### EXERCISE OBJECTIVE
The answer must be the full listing, word for word, with no pictures in it.

### RECORDS FOR THIS EXERCISE
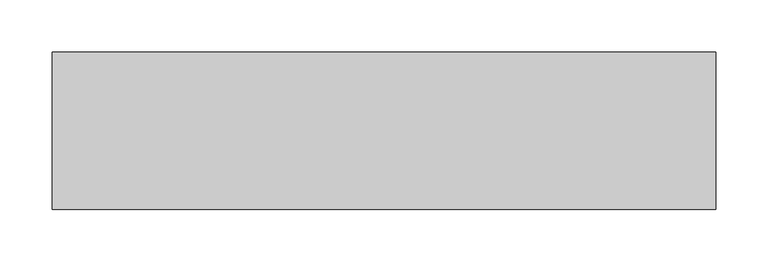
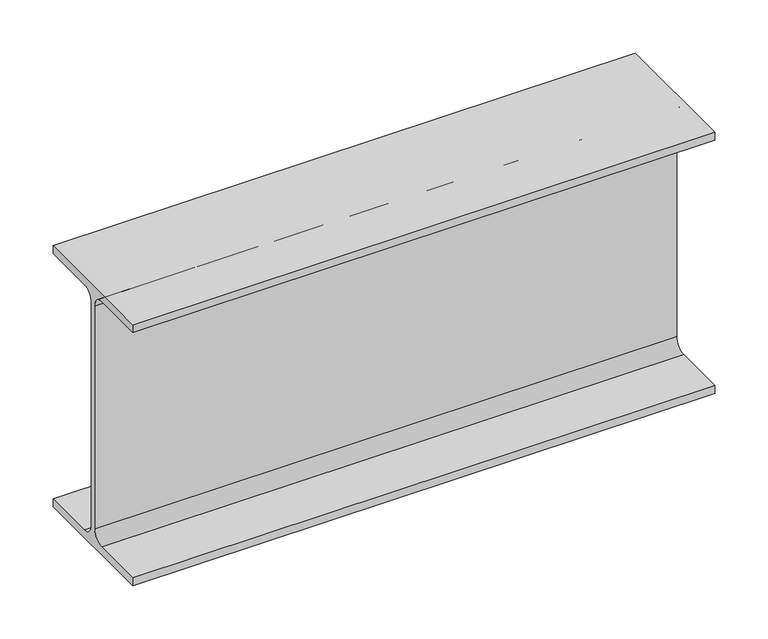
"""IFC4 building model written with IfcOpenShell, lengths in millimetres: beam geometry, 0912_Steel Framing_H-KSD3502 : H_SB_ASB_H-300x150x6.5x9."""

from ifc_helpers import new_model, si_unit, point, frame, frame_2d, origin, place, context, project, spatial, polyline, circle_curve, trimmed, segment, composite_curve, outline, extrude, source, transform, mapped, element, save


def beam_d6a3fa63(model_context):
    return source(origin(), model_context, "Body", "SweptSolid", [
        extrude(outline(composite_curve([segment(polyline([(75.0, -141.0), (75.0, -150.0), (-75.0, -150.0), (-75.0, -141.0), (-16.25, -141.0)]), True, "CONTINUOUS"), segment(trimmed(circle_curve(frame_2d((-16.25, -128.0)), 13.0), [point((-16.25, -141.0))], [point((-3.25, -128.0))], True, "CARTESIAN"), True, "CONTINUOUS"), segment(polyline([(-3.25, -128.0), (-3.25, 128.0)]), True, "CONTINUOUS"), segment(trimmed(circle_curve(frame_2d((-16.25, 128.0)), 13.0), [point((-3.25, 128.0))], [point((-16.25, 141.0))], True, "CARTESIAN"), True, "CONTINUOUS"), segment(polyline([(-16.25, 141.0), (-75.0, 141.0), (-75.0, 150.0), (75.0, 150.0), (75.0, 141.0), (16.25, 141.0)]), True, "CONTINUOUS"), segment(trimmed(circle_curve(frame_2d((16.25, 128.0)), 13.0), [point((16.25, 141.0))], [point((3.25, 128.0))], True, "CARTESIAN"), True, "CONTINUOUS"), segment(polyline([(3.25, 128.0), (3.25, -128.0)]), True, "CONTINUOUS"), segment(trimmed(circle_curve(frame_2d((16.25, -128.0)), 13.0), [point((3.25, -128.0))], [point((16.25, -141.0))], True, "CARTESIAN"), True, "CONTINUOUS"), segment(polyline([(16.25, -141.0), (75.0, -141.0)]), True, "CONTINUOUS")], self_intersect=False)), frame((-238.55, 0.0, 0.0), z_axis=(1.0, 0.0, 0.0), x_axis=(0.0, 1.0, 0.0)), (0.0, 0.0, 1.0), 632.1),
    ])


if __name__ == "__main__":
    model = new_model("IFC4")
    model_context = context("Model", 3, world=origin())
    ifc_project = project(units=[si_unit("LENGTHUNIT", "METRE", prefix="MILLI")], contexts=[model_context])
    site = spatial("IfcSite", under=ifc_project)
    building = spatial("IfcBuilding", under=site)
    placement = place(None, origin())
    beam_shape = beam_d6a3fa63(model_context)
    element("IfcBeam", 1, ObjectType="0912_Steel Framing_H-KSD3502 : H_SB_ASB_H-300x150x6.5x9", at=placement, inside=building, context=model_context, shape_type="MappedRepresentation", body=[
        mapped(beam_shape, transform((0.0, 0.0, 0.0), x_axis=(1.0, 0.0, 0.0), y_axis=(0.0, 1.0, 0.0), z_axis=(0.0, 0.0, 1.0))),
    ])
    save(model, "model.ifc")

# Revit data of these elements
# Type "0912_Steel Framing_H-KSD3502 : H_SB_ASB_H-300x150x6.5x9"
#   H_WM Code_1 = "S01AA002-00001 | Main Steel Structure Fabrication Work | Shelter/Building | Medium Steel - Standard (90KG/M>Weight≥30KG/M) | Material: (   )"
#   H_WM Code_2 = "S03AA028-00001 | Main Steel Structure Erection Work | Shelter/Building | Medium Steel (90KG/M>Weight≥30KG/M) | Material: (   )"
#   H_WM Code_3 = "S01AA010-00001 | Main Steel Structure Fabrication Work | Shelter/Building | Steel Painting/Coating | for Non-Fireproofed Steel Surface, Surface Preparation, Primer, Second & Final Coat | Material: (   )"
#   H_Q'ty Cal Type Tag = "SB-Q2"
#   Width = 15.0 cm
#   Web Thickness = 0.65 cm
#   Web Fillet = 1.3 cm
#   Warping Constant = 107000.0 cm⁶
#   W = 0
#   Torsional Moment of Inertia = 9.9539 cm⁴
#   Section Area = 46.78 cm²
#   Plastic Modulus weak axis = 105.0 cm³
#   Plastic Modulus strong axis = 542.0 cm³
#   Perimeter = 1.17 m²/m
#   Nominal Weight = 36.70 kgf/m
#   Moment of Inertia weak axis = 508.00 cm⁴
#   Moment of Inertia strong axis = 7210.00 cm⁴
#   Height = 30.0 cm
#   Flange Thickness = 0.9 cm
#   Elastic Modulus weak axis = 67.7 cm³
#   Elastic Modulus strong axis = 481.0 cm³
#   Centroid Vertical = 15.0 cm
#   Centroid Horizontal = 7.5 cm
#   Ix = 72100000
#   Length [instance default] = 1.5240 m
#   Zx = 542000
#   b = 0.1500 m
#   h = 0.3000 m
#   r = 0.0130 m
#   s = 0.0065 m
#   t = 0.0090 m
#   A = 0.004678 m²
#   Structural Material [instance default] = Steel, 45-345
#   Assembly Code = ""
# Element 1 (IfcBeam, "0912_Steel Framing_H-KSD3502 : H_SB_ASB_H-300x150x6.5x9")
#   Structural Material = none
# Materials
#   "Steel, 45-345": class "Metal", colour RGB 189 187 185, transparency 0, Description = "Steel 345 MPa", Cost = 0
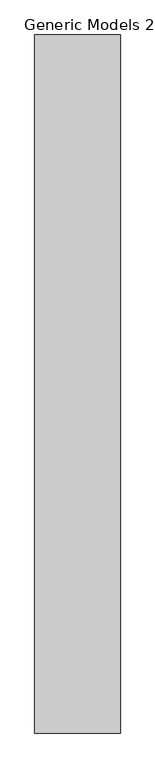
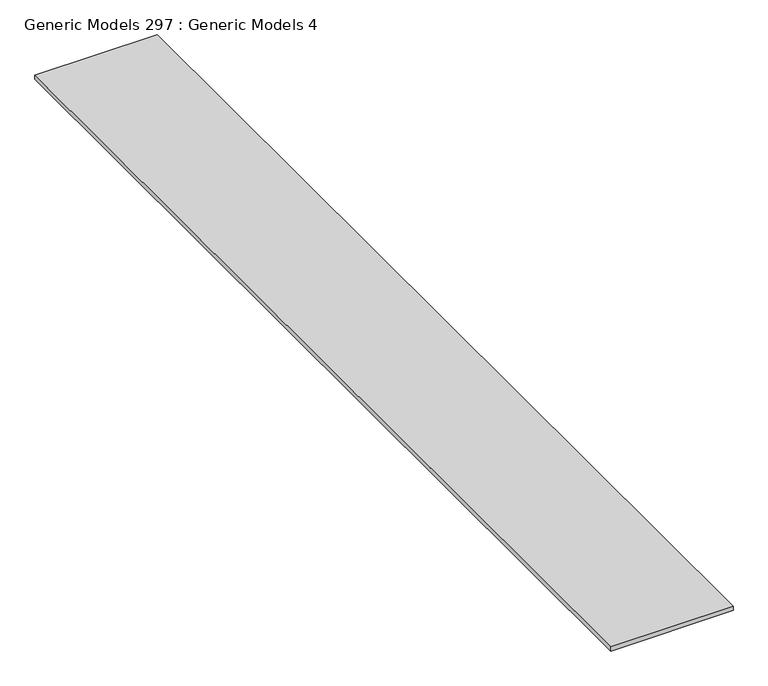
"""IFC4 building model written with IfcOpenShell, lengths in millimetres: proxy geometry, Generic Models 297 : Generic Models 4."""

from ifc_helpers import new_model, si_unit, frame, origin, place, context, project, spatial, polyline, outline, extrude, source, transform, mapped, element, save


def generic_models_297_generic_models_4_16f7774b(model_context):
    return source(origin(), model_context, "Body", "SweptSolid", [
        extrude(outline(polyline([(-5950.1236296, 2583.8769662), (-6498.6122941, 2583.8769662), (-6498.6122941, 7054.2769662), (-5950.1236296, 7054.2769662), (-5950.1236296, 2583.8769662)])), frame((0.0, 0.0, 123278.646), z_axis=(0.0, 0.0, 1.0), x_axis=(1.0, 0.0, 0.0)), (0.0, 0.0, 1.0), 19.05),
    ])


if __name__ == "__main__":
    model = new_model("IFC4")
    model_context = context("Model", 3, world=origin())
    ifc_project = project(units=[si_unit("LENGTHUNIT", "METRE", prefix="MILLI")], contexts=[model_context])
    site = spatial("IfcSite", under=ifc_project)
    building = spatial("IfcBuilding", under=site)
    placement = place(None, origin())
    generic_models_297_generic_models_4_shape = generic_models_297_generic_models_4_16f7774b(model_context)
    element("IfcBuildingElementProxy", 1, Name="Generic Models 297 : Generic Models 4", ObjectType="Generic Models 297 : Generic Models 4", at=placement, inside=building, context=model_context, shape_type="MappedRepresentation", body=[
        mapped(generic_models_297_generic_models_4_shape, transform((0.0, 0.0, 0.0), x_axis=(1.0, 0.0, 0.0), y_axis=(0.0, 1.0, 0.0), z_axis=(0.0, 0.0, 1.0))),
    ])
    save(model, "model.ifc")

# Revit data of these elements
# Element 1 (IfcBuildingElementProxy, "Generic Models 297 : Generic Models 4")
#   Materials on its faces: "_WOOD FLOORING (SPEC T.B.D.)"
# Materials
#   "_WOOD FLOORING (SPEC T.B.D.)": class "Generic", colour RGB 177 130 114, transparency 0, Cost = 0

### SOLUTION
"""IFC4 building model written with IfcOpenShell, lengths in millimetres: beam geometry, 0912_Steel Framing_H-KSD3502 : H_SB_ASB_H-300x150x6.5x9."""

from ifc_helpers import new_model, si_unit, point, frame, frame_2d, origin, place, context, project, spatial, polyline, circle_curve, trimmed, segment, composite_curve, outline, extrude, source, transform, mapped, element, save


def beam_d6a3fa63(model_context):
    return source(origin(), model_context, "Body", "SweptSolid", [
        extrude(outline(composite_curve([segment(polyline([(75.0, -141.0), (75.0, -150.0), (-75.0, -150.0), (-75.0, -141.0), (-16.25, -141.0)]), True, "CONTINUOUS"), segment(trimmed(circle_curve(frame_2d((-16.25, -128.0)), 13.0), [point((-16.25, -141.0))], [point((-3.25, -128.0))], True, "CARTESIAN"), True, "CONTINUOUS"), segment(polyline([(-3.25, -128.0), (-3.25, 128.0)]), True, "CONTINUOUS"), segment(trimmed(circle_curve(frame_2d((-16.25, 128.0)), 13.0), [point((-3.25, 128.0))], [point((-16.25, 141.0))], True, "CARTESIAN"), True, "CONTINUOUS"), segment(polyline([(-16.25, 141.0), (-75.0, 141.0), (-75.0, 150.0), (75.0, 150.0), (75.0, 141.0), (16.25, 141.0)]), True, "CONTINUOUS"), segment(trimmed(circle_curve(frame_2d((16.25, 128.0)), 13.0), [point((16.25, 141.0))], [point((3.25, 128.0))], True, "CARTESIAN"), True, "CONTINUOUS"), segment(polyline([(3.25, 128.0), (3.25, -128.0)]), True, "CONTINUOUS"), segment(trimmed(circle_curve(frame_2d((16.25, -128.0)), 13.0), [point((3.25, -128.0))], [point((16.25, -141.0))], True, "CARTESIAN"), True, "CONTINUOUS"), segment(polyline([(16.25, -141.0), (75.0, -141.0)]), True, "CONTINUOUS")], self_intersect=False)), frame((-238.55, 0.0, 0.0), z_axis=(1.0, 0.0, 0.0), x_axis=(0.0, 1.0, 0.0)), (0.0, 0.0, 1.0), 632.1),
    ])


if __name__ == "__main__":
    model = new_model("IFC4")
    model_context = context("Model", 3, world=origin())
    ifc_project = project(units=[si_unit("LENGTHUNIT", "METRE", prefix="MILLI")], contexts=[model_context])
    site = spatial("IfcSite", under=ifc_project)
    building = spatial("IfcBuilding", under=site)
    placement = place(None, origin())
    beam_shape = beam_d6a3fa63(model_context)
    element("IfcBeam", 1, ObjectType="0912_Steel Framing_H-KSD3502 : H_SB_ASB_H-300x150x6.5x9", at=placement, inside=building, context=model_context, shape_type="MappedRepresentation", body=[
        mapped(beam_shape, transform((0.0, 0.0, 0.0), x_axis=(1.0, 0.0, 0.0), y_axis=(0.0, 1.0, 0.0), z_axis=(0.0, 0.0, 1.0))),
    ])
    save(model, "model.ifc")

# Revit data of these elements
# Type "0912_Steel Framing_H-KSD3502 : H_SB_ASB_H-300x150x6.5x9"
#   H_WM Code_1 = "S01AA002-00001 | Main Steel Structure Fabrication Work | Shelter/Building | Medium Steel - Standard (90KG/M>Weight≥30KG/M) | Material: (   )"
#   H_WM Code_2 = "S03AA028-00001 | Main Steel Structure Erection Work | Shelter/Building | Medium Steel (90KG/M>Weight≥30KG/M) | Material: (   )"
#   H_WM Code_3 = "S01AA010-00001 | Main Steel Structure Fabrication Work | Shelter/Building | Steel Painting/Coating | for Non-Fireproofed Steel Surface, Surface Preparation, Primer, Second & Final Coat | Material: (   )"
#   H_Q'ty Cal Type Tag = "SB-Q2"
#   Width = 15.0 cm
#   Web Thickness = 0.65 cm
#   Web Fillet = 1.3 cm
#   Warping Constant = 107000.0 cm⁶
#   W = 0
#   Torsional Moment of Inertia = 9.9539 cm⁴
#   Section Area = 46.78 cm²
#   Plastic Modulus weak axis = 105.0 cm³
#   Plastic Modulus strong axis = 542.0 cm³
#   Perimeter = 1.17 m²/m
#   Nominal Weight = 36.70 kgf/m
#   Moment of Inertia weak axis = 508.00 cm⁴
#   Moment of Inertia strong axis = 7210.00 cm⁴
#   Height = 30.0 cm
#   Flange Thickness = 0.9 cm
#   Elastic Modulus weak axis = 67.7 cm³
#   Elastic Modulus strong axis = 481.0 cm³
#   Centroid Vertical = 15.0 cm
#   Centroid Horizontal = 7.5 cm
#   Ix = 72100000
#   Length [instance default] = 1.5240 m
#   Zx = 542000
#   b = 0.1500 m
#   h = 0.3000 m
#   r = 0.0130 m
#   s = 0.0065 m
#   t = 0.0090 m
#   A = 0.004678 m²
#   Structural Material [instance default] = Steel, 45-345
#   Assembly Code = ""
# Element 1 (IfcBeam, "0912_Steel Framing_H-KSD3502 : H_SB_ASB_H-300x150x6.5x9")
#   Structural Material = none
# Materials
#   "Steel, 45-345": class "Metal", colour RGB 189 187 185, transparency 0, Description = "Steel 345 MPa", Cost = 0
"""IFC4 building model written with IfcOpenShell, lengths in millimetres: proxy geometry, Generic Models 297 : Generic Models 4."""

from ifc_helpers import new_model, si_unit, frame, origin, place, context, project, spatial, polyline, outline, extrude, source, transform, mapped, element, save


def generic_models_297_generic_models_4_16f7774b(model_context):
    return source(origin(), model_context, "Body", "SweptSolid", [
        extrude(outline(polyline([(-5950.1236296, 2583.8769662), (-6498.6122941, 2583.8769662), (-6498.6122941, 7054.2769662), (-5950.1236296, 7054.2769662), (-5950.1236296, 2583.8769662)])), frame((0.0, 0.0, 123278.646), z_axis=(0.0, 0.0, 1.0), x_axis=(1.0, 0.0, 0.0)), (0.0, 0.0, 1.0), 19.05),
    ])


if __name__ == "__main__":
    model = new_model("IFC4")
    model_context = context("Model", 3, world=origin())
    ifc_project = project(units=[si_unit("LENGTHUNIT", "METRE", prefix="MILLI")], contexts=[model_context])
    site = spatial("IfcSite", under=ifc_project)
    building = spatial("IfcBuilding", under=site)
    placement = place(None, origin())
    generic_models_297_generic_models_4_shape = generic_models_297_generic_models_4_16f7774b(model_context)
    element("IfcBuildingElementProxy", 1, Name="Generic Models 297 : Generic Models 4", ObjectType="Generic Models 297 : Generic Models 4", at=placement, inside=building, context=model_context, shape_type="MappedRepresentation", body=[
        mapped(generic_models_297_generic_models_4_shape, transform((0.0, 0.0, 0.0), x_axis=(1.0, 0.0, 0.0), y_axis=(0.0, 1.0, 0.0), z_axis=(0.0, 0.0, 1.0))),
    ])
    save(model, "model.ifc")

# Revit data of these elements
# Element 1 (IfcBuildingElementProxy, "Generic Models 297 : Generic Models 4")
#   Materials on its faces: "_WOOD FLOORING (SPEC T.B.D.)"
# Materials
#   "_WOOD FLOORING (SPEC T.B.D.)": class "Generic", colour RGB 177 130 114, transparency 0, Cost = 0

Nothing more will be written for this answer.